Respiratory disease is the most important health concern for the swine industry. Genetic improvement for disease resistance is challenging because of the difficulty in obtaining good phenotypes related with disease resistance; however, identification of genes or markers associated with disease resistance can help in the genetic improvement of pig health. The purpose of our study was to investigate whether quantitative trait loci (QTL) associated with disease resistance were segregated in a purebred population of Landrace pigs that had been selected for meat production traits and mycoplasmal pneumonia of swine (MPS) scores over five generations. We analysed 1395 pigs from the base to the fifth generation of this population. Two respiratory disease traits [MPS scores and atrophic rhinitis (AR) scores] and 11 immune-capacity traits were measured in 630-1332 animals at 7 weeks of age and when the animals body weight reached 105 kg. Each of the pigs, except sires in the base population, was genotyped using 109 microsatellite markers, and then, QTL analysis of the full-sib family population with a multi-generational pedigree structure was performed. Variance component analysis was used to detect QTL associated with MPS or AR scores, and the logarithm of odds (LOD) score and genotypic heritability of the QTL were estimated. Five significant (LOD > 2.51) and 18 suggestive (LOD > 1.35) QTL for respiratory disease traits and immune-capacity traits were detected. The significant QTL for Log-MPS score, located on S. scrofa chromosome 2, could explain 87% of the genetic variance of this score in this analysis. This is the first report of QTL associated with respiratory disease lesions.

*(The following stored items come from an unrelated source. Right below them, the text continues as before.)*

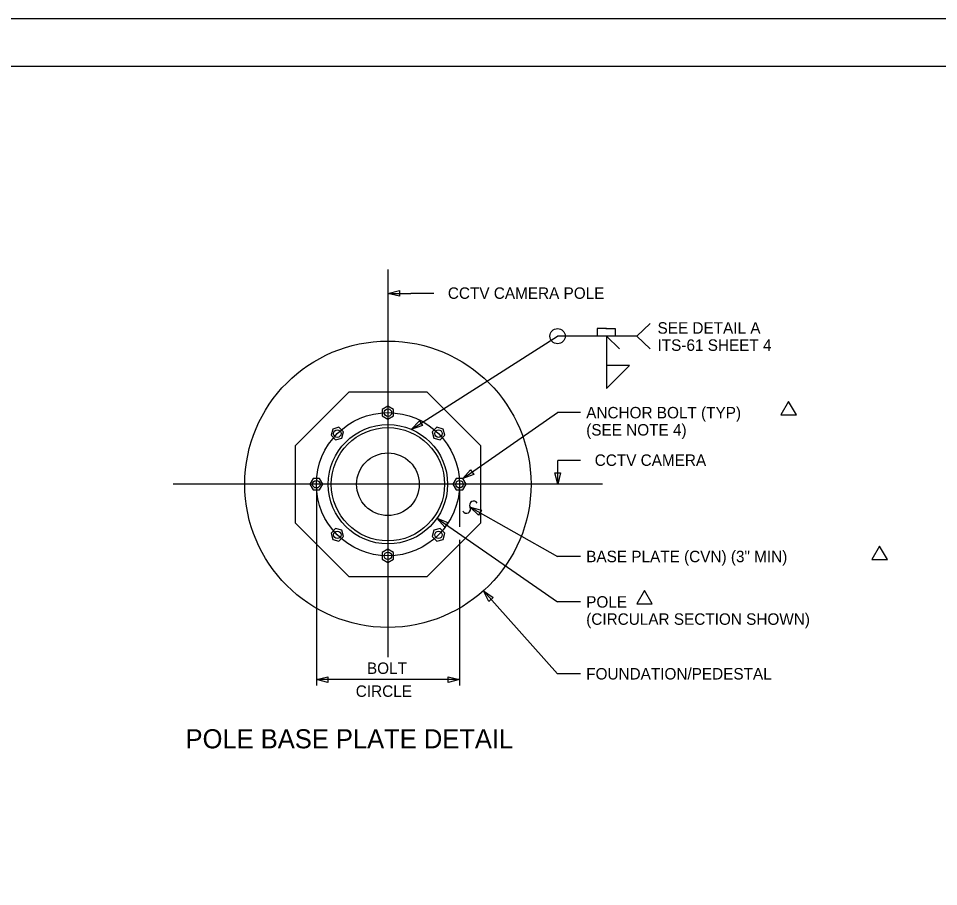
# Model space of a CAD drawing. Extents: x 1299104.6 to 1299141.4, y 239713.3 to 239735.3.
# Drawn here: x 1299118.81 to 1299128.46, y 239726.18 to 239735.27 of the extents above; entities that cross this region are included whole.
import ezdxf

# ---------------------------------------------------------------- set-up
doc = ezdxf.new("R2010")
doc.units = 0
for name, color, linetype in [('DIM TXT', 7, 'Continuous'), ('GS_plotshape_p', 7, 'Continuous'), ('Level 1', 7, 'Continuous'), ('Level 3', 7, 'Continuous'), ('Level 7', 7, 'Continuous'), ('Level 8', 7, 'Continuous')]:
    doc.layers.add(name, color=color, linetype=linetype)

msp = doc.modelspace()

# ---------------------------------------------------------------- linework, layer by layer
at = {"layer": 'DIM TXT'}
for points in [[(1299126.8037, 239731.1196), (1299126.9661, 239731.1196), (1299126.8849, 239731.2602)], [(1299127.7575, 239729.6035), (1299127.9199, 239729.6035), (1299127.8387, 239729.7441)], [(1299125.2939, 239729.1393), (1299125.4563, 239729.1393), (1299125.3751, 239729.2799)]]:
    msp.add_lwpolyline(points, close=True, dxfattribs=at)
at = {"layer": 'GS_plotshape_p'}
msp.add_lwpolyline([(1299104.6223, 239735.2729), (1299138.6223, 239735.2729), (1299138.6223, 239713.2729), (1299104.6223, 239713.2729)], close=True, dxfattribs=at)
at = {"layer": 'Level 1'}
msp.add_lwpolyline([(1299138.1223, 239713.7729), (1299106.1223, 239713.7729), (1299106.1223, 239734.7729), (1299138.1223, 239734.7729)], close=True, dxfattribs=at)
at = {"layer": 'Level 3'}
for p, q in [((1299121.7173, 239730.7989), (1299122.2798, 239731.3614)), ((1299122.2798, 239731.3614), (1299123.0923, 239731.3614)), ((1299123.0923, 239731.3614), (1299123.6548, 239730.7989)), ((1299121.7173, 239729.9864), (1299121.7173, 239730.7989)), ((1299123.6548, 239730.7989), (1299123.6548, 239729.9864)), ((1299122.2798, 239729.4239), (1299121.7173, 239729.9864)), ((1299123.6548, 239729.9864), (1299123.0923, 239729.4239)), ((1299123.0923, 239729.4239), (1299122.2798, 239729.4239))]:
    msp.add_line(p, q, dxfattribs=at)
for points in [[(1299122.686, 239731.211), (1299122.6268, 239731.1769), (1299122.6268, 239731.1085), (1299122.686, 239731.0743), (1299122.7452, 239731.1085), (1299122.7452, 239731.1769)], [(1299122.1074, 239730.9714), (1299122.0897, 239730.9053), (1299122.138, 239730.857), (1299122.204, 239730.8747), (1299122.2217, 239730.9407), (1299122.1734, 239730.989)], [(1299123.2647, 239730.9714), (1299123.1987, 239730.989), (1299123.1503, 239730.9407), (1299123.168, 239730.8747), (1299123.234, 239730.857), (1299123.2824, 239730.9053)], [(1299121.8677, 239730.3927), (1299121.9018, 239730.3335), (1299121.9702, 239730.3335), (1299122.0044, 239730.3927), (1299121.9702, 239730.4519), (1299121.9018, 239730.4519)], [(1299123.5044, 239730.3927), (1299123.4702, 239730.4519), (1299123.4018, 239730.4519), (1299123.3677, 239730.3927), (1299123.4018, 239730.3335), (1299123.4702, 239730.3335)], [(1299122.1074, 239729.814), (1299122.1734, 239729.7963), (1299122.2217, 239729.8447), (1299122.204, 239729.9107), (1299122.138, 239729.9284), (1299122.0897, 239729.8801)], [(1299123.2647, 239729.814), (1299123.2824, 239729.8801), (1299123.234, 239729.9284), (1299123.168, 239729.9107), (1299123.1503, 239729.8447), (1299123.1987, 239729.7963)], [(1299122.686, 239729.5743), (1299122.7452, 239729.6085), (1299122.7452, 239729.6769), (1299122.686, 239729.711), (1299122.6268, 239729.6769), (1299122.6268, 239729.6085)]]:
    msp.add_lwpolyline(points, close=True, dxfattribs=at)
for centre, radius in [((1299122.686, 239730.3927), 1.5), ((1299122.686, 239731.1427), 0.0391), ((1299122.686, 239730.3927), 0.625), ((1299122.686, 239730.3927), 0.5937), ((1299122.1557, 239730.923), 0.0391), ((1299123.2163, 239730.923), 0.0391), ((1299122.686, 239730.3927), 0.3281), ((1299121.936, 239730.3927), 0.0391), ((1299123.436, 239730.3927), 0.0391), ((1299122.1557, 239729.8624), 0.0391), ((1299123.2163, 239729.8624), 0.0391), ((1299122.686, 239729.6427), 0.0391)]:
    msp.add_circle(centre, radius, dxfattribs=at)
at = {"layer": 'Level 7'}
for p, q in [((1299122.686, 239732.6427), (1299122.686, 239728.5798)), ((1299124.936, 239730.3927), (1299120.436, 239730.3927))]:
    msp.add_line(p, q, dxfattribs=at)
msp.add_circle((1299122.686, 239730.3927), 0.75, dxfattribs=at)
at = {"layer": 'Level 8'}
for p, q in [((1299122.686, 239732.3927), (1299122.926, 239732.3927)), ((1299123.166, 239732.3927), (1299122.926, 239732.3927)), ((1299124.9772, 239732.0235), (1299124.8772, 239732.0235)), ((1299124.8772, 239732.0235), (1299124.8772, 239731.9443)), ((1299124.9684, 239732.0235), (1299125.0684, 239732.0235)), ((1299125.0684, 239732.0235), (1299125.0684, 239731.9443)), ((1299125.2955, 239731.9443), (1299125.4333, 239732.0784)), ((1299122.9308, 239730.9677), (1299124.464, 239731.9443)), ((1299125.2955, 239731.9443), (1299124.464, 239731.9443)), ((1299124.9762, 239731.9443), (1299124.9762, 239731.635)), ((1299124.9762, 239731.9443), (1299125.114, 239731.8102)), ((1299125.2955, 239731.9443), (1299125.4333, 239731.8102)), ((1299123.4702, 239730.4519), (1299124.464, 239731.1428)), ((1299124.704, 239731.1428), (1299124.464, 239731.1428)), ((1299124.465, 239730.3927), (1299124.465, 239730.6427)), ((1299124.705, 239730.6427), (1299124.465, 239730.6427)), ((1299121.936, 239730.3327), (1299121.936, 239728.2855)), ((1299123.436, 239730.3327), (1299123.436, 239729.9452)), ((1299123.5465, 239730.1527), (1299124.464, 239729.636)), ((1299123.1997, 239730.0366), (1299124.464, 239729.1601)), ((1299123.436, 239729.8117), (1299123.436, 239728.2855)), ((1299124.704, 239729.636), (1299124.464, 239729.636)), ((1299123.6867, 239729.2753), (1299124.464, 239728.4072)), ((1299124.704, 239729.1601), (1299124.464, 239729.1601)), ((1299123.436, 239728.3455), (1299121.936, 239728.3455)), ((1299124.704, 239728.4072), (1299124.464, 239728.4072))]:
    msp.add_line(p, q, dxfattribs=at)
for points in [[(1299122.806, 239732.3627), (1299122.686, 239732.3927), (1299122.806, 239732.4227)], [(1299124.9762, 239731.395), (1299125.2162, 239731.635), (1299124.9762, 239731.635)], [(1299123.0482, 239731.0069), (1299122.9308, 239730.9677), (1299123.0159, 239731.0575)], [(1299123.5859, 239730.4958), (1299123.4702, 239730.4519), (1299123.5516, 239730.545)], [(1299124.495, 239730.5127), (1299124.465, 239730.3927), (1299124.435, 239730.5127)], [(1299123.6363, 239730.0677), (1299123.5465, 239730.1527), (1299123.6657, 239730.12)], [(1299123.2812, 239729.9436), (1299123.1997, 239730.0366), (1299123.3154, 239729.9929)], [(1299123.7444, 239729.1658), (1299123.6867, 239729.2753), (1299123.7891, 239729.2059)], [(1299122.056, 239728.3155), (1299121.936, 239728.3455), (1299122.056, 239728.3755)], [(1299123.316, 239728.3755), (1299123.436, 239728.3455), (1299123.316, 239728.3155)]]:
    msp.add_lwpolyline(points, close=True, dxfattribs=at)
msp.add_circle((1299124.4641, 239731.9441), 0.0798, dxfattribs=at)
for centre, start, end in [((1299123.5843, 239730.1732), 28.37131, 208.37131), ((1299123.5086, 239730.1322), 208.37131, 28.37131)]:
    msp.add_arc(centre, 0.043, start, end, dxfattribs=at)

# ---------------------------------------------------------------- texts
at = {"layer": 'DIM TXT'}
for s, height, p in [('  CCTV CAMERA POLE', 0.12, (1299123.2251, 239732.3351)), ('SEE DETAIL A', 0.12, (1299125.5116, 239731.9702)), ('ITS-61 SHEET 4', 0.12, (1299125.5116, 239731.7902)), ('ANCHOR BOLT (TYP)', 0.12, (1299124.764, 239731.0828)), ('(SEE NOTE 4)', 0.12, (1299124.764, 239730.9028)), ('  CCTV CAMERA', 0.12, (1299124.764, 239730.5851)), ('BASE PLATE (CVN) (3" MIN)', 0.12, (1299124.764, 239729.576)), ('POLE', 0.12, (1299124.764, 239729.1001)), ('(CIRCULAR SECTION SHOWN)', 0.12, (1299124.764, 239728.9201)), ('BOLT', 0.12, (1299122.4663, 239728.4055)), ('FOUNDATION/PEDESTAL', 0.12, (1299124.764, 239728.3472)), ('CIRCLE', 0.12, (1299122.3492, 239728.1655)), ('POLE BASE PLATE DETAIL', 0.2, (1299120.5654, 239727.6261))]:
    msp.add_text(s, height=height, dxfattribs=at).set_placement(p)

doc.saveas('drawing.dxf')

Correlated response of peripheral blood cytokines with selection for reduced mycoplasma pneumonia of swine lesions in Landrace pigs

Mycoplasma pneumonia of swine (MPS) is responsible for significant economic losses in the swine industry. We selected Landrace pigs for reduced MPS pulmonary lesions over five generations, and measured concentrations of the following cytokines: interleukin (IL)-10, IL-13, IL-17, tumor necrosis factor (TNF)-α and interferon (IFN)-γ to estimate their correlation with MPS lesions. Sheep red blood cells (SRBC) were injected twice intramuscularly at 70 and 95 kg body weight. Blood serum samples were collected after 1 week of secondary SRBC inoculation and cytokine concentrations were analyzed by ELISA. Genetic parameters and breeding values were estimated. The heritability estimates of IL-10, IL-13, IL-17, TNF-α and IFN-γ were 0.20 ± 0.06, 0.12 ± 0.06, 0.27 ± 0.07, 0.20 ± 0.10 and 0.05 ± 0.03, respectively. Genetic correlations of IL-17 and TNF-α with pulmonary MPS lesions were high (-0.86 ± 0.13 and 0.69 ± 0.29, respectively) and those of IFN-γ and IL-13 with MPS lesions were moderately negative (-0.45). Through selection, the breeding values of IL-17 and IFN-γ increased substantially and those of TNF-α decreased. These results suggest that innate and cellular immunity are more important for the suppression of pulmonary lesions in MPS than humoral-mediated immunity, such as antibody response.

Correlated responses of respiratory disease and immune capacity traits of Landrace pigs selected for Mycoplasmal pneumonia of swine (MPS) lesion.

Five generations of Landrace pigs selected for average daily gain, backfat thickness, Mycoplasmal pneumonia of swine (MPS) lesion score, and plasma cortisol levels, was executed to decrease the MPS lesion score. Genetic parameters and correlated genetic responses for respiratory disease and peripheral blood immune traits were estimated in 1395 Landrace pigs. We estimated the negative genetic correlation of MPS lesion score with phagocytic activity (PA) at 7 weeks of age (-0.67). The breeding values of PA at 7 weeks of age and 105 kg body weight and the correlated selection response of the ratio of granular leukocytes to lymphocytes at 105 kg body weight were significantly increased, and sheep red blood cell-specific antibody production (AP) was significantly decreased in a selection-dependent manner. Increasing of natural immunological indicators (e.g. PA) and decreasing of humoral immunological indicator (e.g. AP) were observed due to genetically decreasing MPS lesion score.